** Opening Given data block **

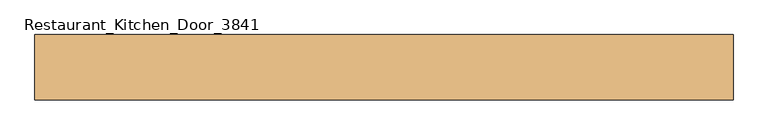
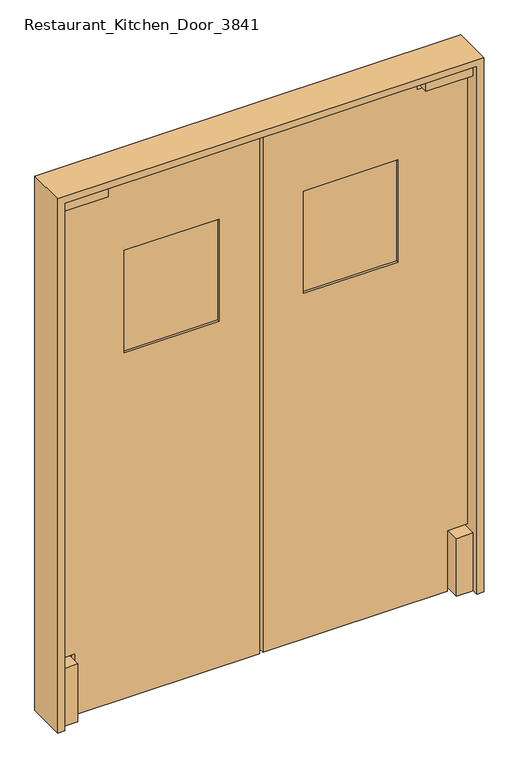
"""IFC4 building model written with IfcOpenShell, lengths in millimetres: door geometry, Restaurant_Kitchen_Door_3841."""

from ifc_helpers import new_model, si_unit, frame, origin, origin_with_axes, place, context, project, spatial, polyline, outline, extrude, source, transform, mapped, element, save


def restaurant_kitchen_door_3841_4c7ee789(model_context):
    return source(origin(), model_context, "Body", "SweptSolid", [
        extrude(outline(polyline([(0.0, -800.0), (0.0, -774.6), (2094.6, -774.6), (2094.6, 774.6), (0.0, 774.6), (0.0, 800.0), (2120.0, 800.0), (2120.0, -800.0), (0.0, -800.0)])), frame((0.0, -75.0, 0.0), z_axis=(0.0, 1.0, 0.0), x_axis=(0.0, 0.0, 1.0)), (0.0, 0.0, 1.0), 150.0),
        extrude(outline(polyline([(-596.8, -50.8), (-774.6, -50.8), (-774.6, 50.8), (-596.8, 50.8), (-596.8, -50.8)])), frame((0.0, 0.0, 2043.8), z_axis=(0.0, 0.0, 1.0), x_axis=(1.0, 0.0, 0.0)), (0.0, 0.0, 1.0), 50.8),
        extrude(outline(polyline([(774.6, -50.8), (596.8, -50.8), (596.8, 50.8), (774.6, 50.8), (774.6, -50.8)])), frame((0.0, 0.0, 2043.8), z_axis=(0.0, 0.0, 1.0), x_axis=(1.0, 0.0, 0.0)), (0.0, 0.0, 1.0), 50.8),
        extrude(outline(polyline([(774.6, -50.8), (711.1, -50.8), (711.1, 50.8), (774.6, 50.8), (774.6, -50.8)])), origin_with_axes(), (0.0, 0.0, 1.0), 228.6),
        extrude(outline(polyline([(-711.1, -50.8), (-774.6, -50.8), (-774.6, 50.8), (-711.1, 50.8), (-711.1, -50.8)])), origin_with_axes(), (0.0, 0.0, 1.0), 228.6),
        extrude(outline(polyline([(-158.75, -3.175), (-514.35, -3.175), (-514.35, 3.175), (-158.75, 3.175), (-158.75, -3.175)])), frame((0.0, 0.0, 1371.6), z_axis=(0.0, 0.0, 1.0), x_axis=(1.0, 0.0, 0.0)), (0.0, 0.0, 1.0), 406.4),
        extrude(outline(polyline([(2031.1, -774.6), (241.3, -774.6), (241.3, -698.4), (0.0, -698.4), (0.0, -6.35), (2094.6, -6.35), (2094.6, -584.1), (2031.1, -584.1), (2031.1, -774.6)]), holes=[polyline([(1778.0, -514.35), (1778.0, -158.75), (1371.6, -158.75), (1371.6, -514.35), (1778.0, -514.35)])]), frame((0.0, -12.7, 0.0), z_axis=(0.0, 1.0, 0.0), x_axis=(0.0, 0.0, 1.0)), (0.0, 0.0, 1.0), 25.4),
        extrude(outline(polyline([(514.35, -3.175), (158.75, -3.175), (158.75, 3.175), (514.35, 3.175), (514.35, -3.175)])), frame((0.0, 0.0, 1371.6), z_axis=(0.0, 0.0, 1.0), x_axis=(1.0, 0.0, 0.0)), (0.0, 0.0, 1.0), 406.4),
        extrude(outline(polyline([(2031.1, 774.6), (2031.1, 584.1), (2094.6, 584.1), (2094.6, 6.35), (0.0, 6.35), (0.0, 698.4), (241.3, 698.4), (241.3, 774.6), (2031.1, 774.6)]), holes=[polyline([(1371.6, 158.75), (1778.0, 158.75), (1778.0, 514.35), (1371.6, 514.35), (1371.6, 158.75)])]), frame((0.0, -12.7, 0.0), z_axis=(0.0, 1.0, 0.0), x_axis=(0.0, 0.0, 1.0)), (0.0, 0.0, 1.0), 25.4),
    ])


if __name__ == "__main__":
    model = new_model("IFC4")
    model_context = context("Model", 3, world=origin())
    ifc_project = project(units=[si_unit("LENGTHUNIT", "METRE", prefix="MILLI")], contexts=[model_context])
    site = spatial("IfcSite", under=ifc_project)
    building = spatial("IfcBuilding", under=site)
    placement = place(None, origin())
    restaurant_kitchen_door_3841_shape = restaurant_kitchen_door_3841_4c7ee789(model_context)
    element("IfcDoor", 1, ObjectType="Restaurant_Kitchen_Door_3841 : 5'-4\"W. x 7'-2\"H.", at=placement, inside=building, context=model_context, shape_type="MappedRepresentation", body=[
        mapped(restaurant_kitchen_door_3841_shape, transform((0.0, 0.0, 0.0), x_axis=(1.0, 0.0, 0.0), y_axis=(0.0, 1.0, 0.0), z_axis=(0.0, 0.0, 1.0))),
    ])
    save(model, "model.ifc")

# Revit data of these elements
# Type "Restaurant_Kitchen_Door_3841 : 5'-4\"W. x 7'-2\"H."
#   Type Mark = "C26"
#   Analytic Construction = "<Nenhum>"
#   Rough Width = 1600 mm
#   Rough Height = 2120 mm
#   Height = 2094.6 mm
#   Width = 774.6 mm
#   Define Thermal Properties by = 1
#   Glass = Glazing - Interior
#   Frame = Door - Kitchen - Frame
#   Door Panel = Door - Kitchen - Panel
#   Function = (empty or 0)
#   Wall Closure = (empty or 0)
# Element 1 (IfcDoor, "Restaurant_Kitchen_Door_3841 : 5'-4\"W. x 7'-2\"H.")
#   Materials on its faces: "Door - Kitchen - Frame", "Door - Kitchen - Panel", "Glazing - Interior"
# Materials
#   "Glazing - Interior": class "Não atribuído", colour RGB 0 0 255, transparency 0.75
#   "Door - Kitchen - Frame": class "Não atribuído", colour RGB 247 247 247, transparency 0
#   "Door - Kitchen - Panel": class "Não atribuído", colour RGB 50 50 50, transparency 0, Comments = "A aparência de renderização não foi atualizada "

** Closing Given data block **

Exercise aim:
Take each line above that holds the string "transform" and copy it.

Response:
from ifc_helpers import new_model, si_unit, frame, origin, origin_with_axes, place, context, project, spatial, polyline, outline, extrude, source, transform, mapped, element, save
        mapped(restaurant_kitchen_door_3841_shape, transform((0.0, 0.0, 0.0), x_axis=(1.0, 0.0, 0.0), y_axis=(0.0, 1.0, 0.0), z_axis=(0.0, 0.0, 1.0))),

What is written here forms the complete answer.